O Tribunal da Relação de Lisboa decidiu remeter para Luanda o processo do ex-vice-presidente angolano Manuel Vicente, acusado de ter corrompido o antigo procurador Orlando Figueira para que este arquivasse inquéritos que o visavam.
A decisão surgiu na sequência de um recurso apresentado pela defesa de Manuel Vicente – conduzida pelo advogado Rui Patrício – e teve em conta duas questões. A primeira era a de que a imunidade de que goza Manuel Vicente em Angola deveria ser reconhecida pela Justiça portuguesa; a segunda, caso não fosse dado provimento à primeira, era a de que seriam os tribunais angolanos os mais indicados para julgar a parte da Operação Fizz relativa ao ex-número dois de José Eduardo dos Santos.

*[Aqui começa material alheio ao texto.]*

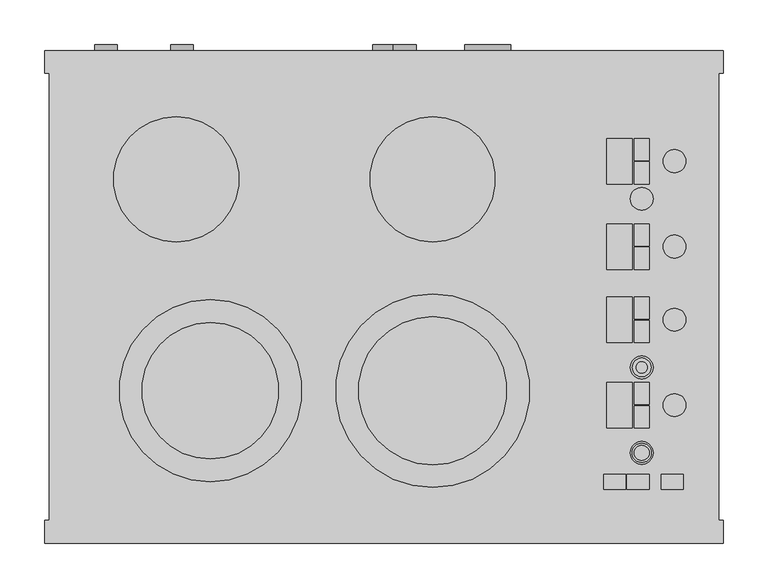
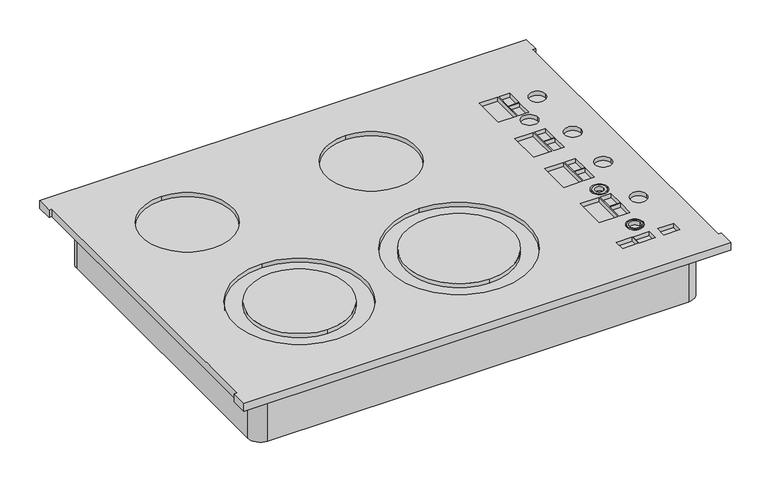
"""IFC4 building model written with IfcOpenShell, lengths in millimetres: proxy geometry, Cooktops_Electric_GE-Monogram_ZEU30RSFSS : Cooktops_Electric_GE-Monogram_ZEU30RSFSS."""

from ifc_helpers import new_model, si_unit, point, frame, frame_2d, origin, origin_with_axes, place, context, project, spatial, polyline, circle_curve, trimmed, segment, composite_curve, outline, extrude, source, transform, mapped, element, save


def specialty_equipment_065d487b(model_context):
    return source(origin(), model_context, "Body", "SweptSolid", [
        extrude(outline(composite_curve([segment(polyline([(-377.825, 274.6375), (377.825, 274.6375), (377.825, 249.2375), (373.215296, 249.2375), (373.215296, -249.2375), (377.825, -249.2375), (377.825, -274.6375)]), True, "CONTINUOUS"), segment(trimmed(circle_curve(frame_2d((0.0, 4104.744837)), 4395.65028), [point((377.825, -274.6375))], [point((-377.825, -274.6375))], False, "CARTESIAN"), True, "CONTINUOUS"), segment(polyline([(-377.825, -274.6375), (-377.825, -249.2375), (-373.215296, -249.2375), (-373.215296, 249.2375), (-377.825, 249.2375), (-377.825, 274.6375)]), True, "CONTINUOUS")], self_intersect=False), holes=[composite_curve([segment(trimmed(circle_curve(frame_2d((54.2006403, 131.1676685)), 69.85), [point((54.2006403, 201.0176685))], [point((54.2006403, 61.3176685))], True, "CARTESIAN"), True, "CONTINUOUS"), segment(trimmed(circle_curve(frame_2d((54.2006403, 131.1676685)), 69.85), [point((54.2006403, 61.3176685))], [point((54.2006403, 201.0176685))], True, "CARTESIAN"), True, "CONTINUOUS")], self_intersect=False), composite_curve([segment(trimmed(circle_curve(frame_2d((54.2006403, -104.6769785)), 107.95), [point((54.2006403, 3.2730215))], [point((54.2006403, -212.6269785))], True, "CARTESIAN"), True, "CONTINUOUS"), segment(trimmed(circle_curve(frame_2d((54.2006403, -104.6769785)), 107.95), [point((54.2006403, -212.6269785))], [point((54.2006403, 3.2730215))], True, "CARTESIAN"), True, "CONTINUOUS")], self_intersect=False), composite_curve([segment(trimmed(circle_curve(frame_2d((-193.4493597, -104.6769785)), 101.6), [point((-193.4493597, -3.0769785))], [point((-193.4493597, -206.2769785))], True, "CARTESIAN"), True, "CONTINUOUS"), segment(trimmed(circle_curve(frame_2d((-193.4493597, -104.6769785)), 101.6), [point((-193.4493597, -206.2769785))], [point((-193.4493597, -3.0769785))], True, "CARTESIAN"), True, "CONTINUOUS")], self_intersect=False), composite_curve([segment(trimmed(circle_curve(frame_2d((-231.5493597, 131.1676685)), 69.85), [point((-231.5493597, 201.0176685))], [point((-231.5493597, 61.3176685))], True, "CARTESIAN"), True, "CONTINUOUS"), segment(trimmed(circle_curve(frame_2d((-231.5493597, 131.1676685)), 69.85), [point((-231.5493597, 61.3176685))], [point((-231.5493597, 201.0176685))], True, "CARTESIAN"), True, "CONTINUOUS")], self_intersect=False), polyline([(276.5029806, 125.8458819), (276.5029806, 176.6458819), (247.9432042, 176.6458819), (247.9432042, 125.8458819), (276.5029806, 125.8458819)]), polyline([(295.3523984, 125.8458819), (295.3523984, 150.5447711), (278.8954782, 150.5447711), (278.8954782, 125.8458819), (295.3523984, 125.8458819)]), polyline([(295.3523984, 176.6458819), (278.8954782, 176.6458819), (278.8954782, 151.9469928), (295.3523984, 151.9469928), (295.3523984, 176.6458819)]), composite_curve([segment(trimmed(circle_curve(frame_2d((323.5654873, 151.2458819)), 12.7), [point((310.8654873, 151.2458819))], [point((336.2654873, 151.2458819))], True, "CARTESIAN"), True, "CONTINUOUS"), segment(trimmed(circle_curve(frame_2d((323.5654873, 151.2458819)), 12.7), [point((336.2654873, 151.2458819))], [point((310.8654873, 151.2458819))], True, "CARTESIAN"), True, "CONTINUOUS")], self_intersect=False), composite_curve([segment(trimmed(circle_curve(frame_2d((287.1239383, 109.3246752)), 12.7), [point((274.4239383, 109.3246752))], [point((299.8239383, 109.3246752))], True, "CARTESIAN"), True, "CONTINUOUS"), segment(trimmed(circle_curve(frame_2d((287.1239383, 109.3246752)), 12.7), [point((299.8239383, 109.3246752))], [point((274.4239383, 109.3246752))], True, "CARTESIAN"), True, "CONTINUOUS")], self_intersect=False), polyline([(276.5029806, 30.5958819), (276.5029806, 81.3958819), (247.9432042, 81.3958819), (247.9432042, 30.5958819), (276.5029806, 30.5958819)]), polyline([(295.3523984, 30.5958819), (295.3523984, 55.2947711), (278.8954782, 55.2947711), (278.8954782, 30.5958819), (295.3523984, 30.5958819)]), polyline([(295.3523984, 81.3958819), (278.8954782, 81.3958819), (278.8954782, 56.6969928), (295.3523984, 56.6969928), (295.3523984, 81.3958819)]), composite_curve([segment(trimmed(circle_curve(frame_2d((323.5654873, 55.9958819)), 12.7), [point((310.8654873, 55.9958819))], [point((336.2654873, 55.9958819))], True, "CARTESIAN"), True, "CONTINUOUS"), segment(trimmed(circle_curve(frame_2d((323.5654873, 55.9958819)), 12.7), [point((336.2654873, 55.9958819))], [point((310.8654873, 55.9958819))], True, "CARTESIAN"), True, "CONTINUOUS")], self_intersect=False), polyline([(276.5029806, -95.25), (247.9432042, -95.25), (247.9432042, -146.05), (276.5029806, -146.05), (276.5029806, -95.25)]), polyline([(295.3523984, -95.25), (278.8954782, -95.25), (278.8954782, -119.9488891), (295.3523984, -119.9488891), (295.3523984, -95.25)]), polyline([(295.3523984, -146.05), (295.3523984, -121.3511109), (278.8954782, -121.3511109), (278.8954782, -146.05), (295.3523984, -146.05)]), composite_curve([segment(trimmed(circle_curve(frame_2d((323.5654873, -120.65)), 12.7), [point((310.8654873, -120.65))], [point((336.2654873, -120.65))], True, "CARTESIAN"), True, "CONTINUOUS"), segment(trimmed(circle_curve(frame_2d((323.5654873, -120.65)), 12.7), [point((336.2654873, -120.65))], [point((310.8654873, -120.65))], True, "CARTESIAN"), True, "CONTINUOUS")], self_intersect=False), composite_curve([segment(trimmed(circle_curve(frame_2d((287.1239383, -78.7287933)), 12.7), [point((274.4239383, -78.7287933))], [point((299.8239383, -78.7287933))], True, "CARTESIAN"), True, "CONTINUOUS"), segment(trimmed(circle_curve(frame_2d((287.1239383, -78.7287933)), 12.7), [point((299.8239383, -78.7287933))], [point((274.4239383, -78.7287933))], True, "CARTESIAN"), True, "CONTINUOUS")], self_intersect=False), polyline([(276.5029806, 0.0), (247.9432042, 0.0), (247.9432042, -50.8), (276.5029806, -50.8), (276.5029806, 0.0)]), polyline([(295.3523984, 0.0), (278.8954782, 0.0), (278.8954782, -24.6988891), (295.3523984, -24.6988891), (295.3523984, 0.0)]), polyline([(295.3523984, -50.8), (295.3523984, -26.1011109), (278.8954782, -26.1011109), (278.8954782, -50.8), (295.3523984, -50.8)]), composite_curve([segment(trimmed(circle_curve(frame_2d((323.5654873, -25.4)), 12.7), [point((310.8654873, -25.4))], [point((336.2654873, -25.4))], True, "CARTESIAN"), True, "CONTINUOUS"), segment(trimmed(circle_curve(frame_2d((323.5654873, -25.4)), 12.7), [point((336.2654873, -25.4))], [point((310.8654873, -25.4))], True, "CARTESIAN"), True, "CONTINUOUS")], self_intersect=False), composite_curve([segment(trimmed(circle_curve(frame_2d((287.1239383, -173.9787933)), 12.7), [point((274.4239383, -173.9787933))], [point((299.8239383, -173.9787933))], True, "CARTESIAN"), True, "CONTINUOUS"), segment(trimmed(circle_curve(frame_2d((287.1239383, -173.9787933)), 12.7), [point((299.8239383, -173.9787933))], [point((274.4239383, -173.9787933))], True, "CARTESIAN"), True, "CONTINUOUS")], self_intersect=False), polyline([(295.3523984, -214.5130009), (295.3523984, -198.0560807), (270.6535092, -198.0560807), (270.6535092, -214.5130009), (295.3523984, -214.5130009)]), polyline([(244.5523984, -214.5130009), (269.2512875, -214.5130009), (269.2512875, -198.0560807), (244.5523984, -198.0560807), (244.5523984, -214.5130009)]), polyline([(333.4523984, -214.5130009), (333.4523984, -198.0560807), (308.7535092, -198.0560807), (308.7535092, -214.5130009), (333.4523984, -214.5130009)])]), frame((0.0, 0.0, 82.55), z_axis=(0.0, 0.0, 1.0), x_axis=(1.0, 0.0, 0.0)), (0.0, 0.0, 1.0), 12.7),
        extrude(outline(composite_curve([segment(trimmed(circle_curve(frame_2d((54.2006403, -104.6769785)), 82.55), [point((54.2006403, -22.1269785))], [point((54.2006403, -187.2269785))], False, "CARTESIAN"), True, "CONTINUOUS"), segment(trimmed(circle_curve(frame_2d((54.2006403, -104.6769785)), 82.55), [point((54.2006403, -187.2269785))], [point((54.2006403, -22.1269785))], False, "CARTESIAN"), True, "CONTINUOUS")], self_intersect=False)), frame((0.0, 0.0, 82.55), z_axis=(0.0, 0.0, 1.0), x_axis=(1.0, 0.0, 0.0)), (0.0, 0.0, 1.0), 12.7),
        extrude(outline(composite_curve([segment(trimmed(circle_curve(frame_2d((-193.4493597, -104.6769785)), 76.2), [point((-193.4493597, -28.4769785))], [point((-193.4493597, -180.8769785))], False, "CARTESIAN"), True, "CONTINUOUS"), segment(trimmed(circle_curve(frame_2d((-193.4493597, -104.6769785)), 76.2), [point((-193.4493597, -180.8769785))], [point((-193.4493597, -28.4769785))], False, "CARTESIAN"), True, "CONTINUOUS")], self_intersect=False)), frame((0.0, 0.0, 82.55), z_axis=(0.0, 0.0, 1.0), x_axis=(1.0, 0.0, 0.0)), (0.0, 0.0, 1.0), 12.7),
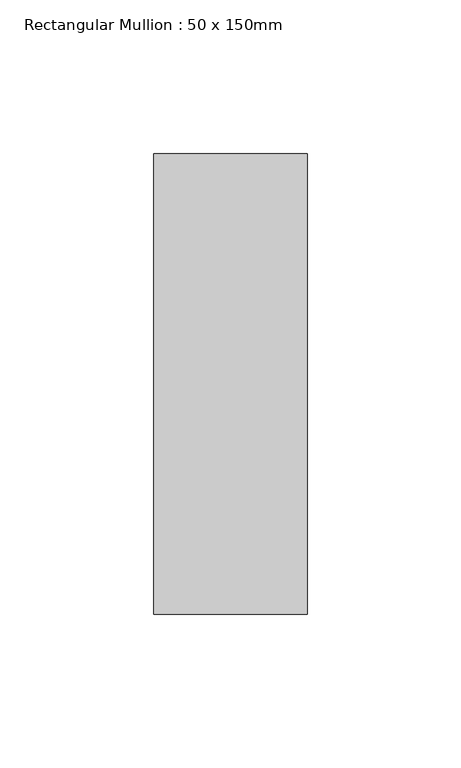
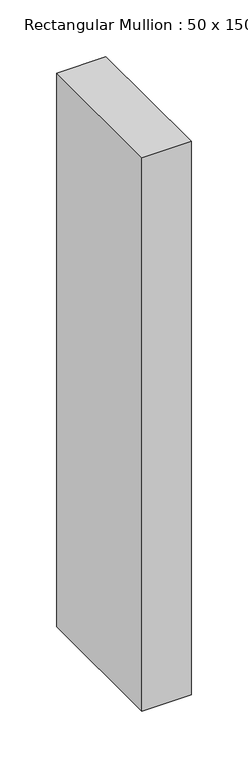
"""IFC4 building model written with IfcOpenShell, lengths in millimetres: member geometry, Rectangular Mullion : 50 x 150mm."""

from ifc_helpers import new_model, si_unit, frame, origin, place, context, project, spatial, polyline, outline, extrude, source, transform, mapped, element, save


def rectangular_mullion_50_x_150mm_431ffd9c(model_context):
    return source(origin(), model_context, "Body", "SweptSolid", [
        extrude(outline(polyline([(25.0, 75.0), (25.0, -75.0), (-25.0, -75.0), (-25.0, 75.0), (25.0, 75.0)])), frame((0.0, 0.0, -595.0), z_axis=(0.0, 0.0, 1.0), x_axis=(1.0, 0.0, 0.0)), (0.0, 0.0, 1.0), 595.0),
    ])


if __name__ == "__main__":
    model = new_model("IFC4")
    model_context = context("Model", 3, world=origin())
    ifc_project = project(units=[si_unit("LENGTHUNIT", "METRE", prefix="MILLI")], contexts=[model_context])
    site = spatial("IfcSite", under=ifc_project)
    building = spatial("IfcBuilding", under=site)
    placement = place(None, origin())
    rectangular_mullion_50_x_150mm_shape = rectangular_mullion_50_x_150mm_431ffd9c(model_context)
    element("IfcMember", 1, ObjectType="Rectangular Mullion : 50 x 150mm", at=placement, inside=building, context=model_context, shape_type="MappedRepresentation", body=[
        mapped(rectangular_mullion_50_x_150mm_shape, transform((0.0, 0.0, 0.0), x_axis=(1.0, 0.0, 0.0), y_axis=(0.0, 1.0, 0.0), z_axis=(0.0, 0.0, 1.0))),
    ])
    save(model, "model.ifc")

# Revit data of these elements
# Type "Rectangular Mullion : 50 x 150mm"
#   built-in parameter 1007304 = 0.492126 (stored number, unit not read)
#   built-in parameter 1007301 = 0.082021 (stored number, unit not read)
#   built-in parameter 1007300 = 0.082021 (stored number, unit not read)
# Element 1 (IfcMember, "Rectangular Mullion : 50 x 150mm")
#   Materials on its faces: "Metal - Aluminium"
# Materials
#   "Metal - Aluminium": class "Metal", colour RGB 247 247 247, transparency 0

No acórdão, os juízes consideram que a Justiça portuguesa não tem de reconhecer a imunidade de que o arguido (ainda que não formalmente constituído) goza em Angola. «Não havia indicação de que algum ato processual tivesse sido praticado com violação de imunidade que o direito internacional reconhecia ao recorrente no período em que ele exercia funções de Vice-Presidente da República de Angola», referem os juízes, concluindo por isso que não se pode falar de qualquer vício.
Na decisão fica ainda claro que a imunidade de que goza Manuel Vicente em Angola mesmo já não sendo vice-presidente só tem de ser respeitado naquele país.
«As normas legais e constitucionais de Angola que conferem imunidades e privilégios de foro ao vice-presidente da República ou ex-vice-presidente da República de Angola são obrigatórias para as autoridades judiciárias angolanas mas não as portuguesas que só tem que respeitar as imunidades e privilégios que resultem das suas leis e das normas e princípios do direito internacional geral ou comum ou das normas», lê-se.
Se, por um lado, não houve erros da Justiça portuguesa até aqui em considerar que a imunidade de Vicente não se aplicava, por outro a Relação considera que o julgamento deve continuar em Angola contrariamente ao que decretou a primeira instância. «Quer o interesse da boa administração de Justiça, quer o interesse da reinserção social em caso de condenação justificam que seja delegada na República de Angola a continuação do processo 333/14.9TELSB contra Manuel Domingos Vicente», decidiram os juízes Cláudio de Jesus Ximenes e Manuel Almeida Cabral, da 9.ª secção da Relação de Lisboa.
O Tribunal explica mesmo que qualquer delegação do procedimento criminal visa alcançar dois objetivos: em primeiro lugar «o exercício do direito de cada um dos Estados, de perseguir criminalmente quem viole a sua lei penal, através de boa administração da Justiça ou, em caso de condenação, melhor reinserção social, ultrapassando dificuldades decorrentes de o arguido ou suspeito se encontrar fora do seu alcance, em território estrangeiro»; em segundo, «garantir que o arguido ou suspeito nacional de um dos Estados signatários contra quem esteja a correr ou possa vir a correr processo crime obtenha boa administração de Justiça».
Contrariamente ao que foi decidido em primeira instância, a Relação considera que Angola tem condições para uma boa administração da Justiça e «condições mais adequadas para a reinserção social em caso de condenação».
«Constitui má administração da Justiça deixar o processo permanecer em Portugal num impasse e num ‘nó internacional e processual, com prejuízo para todos», lê-se.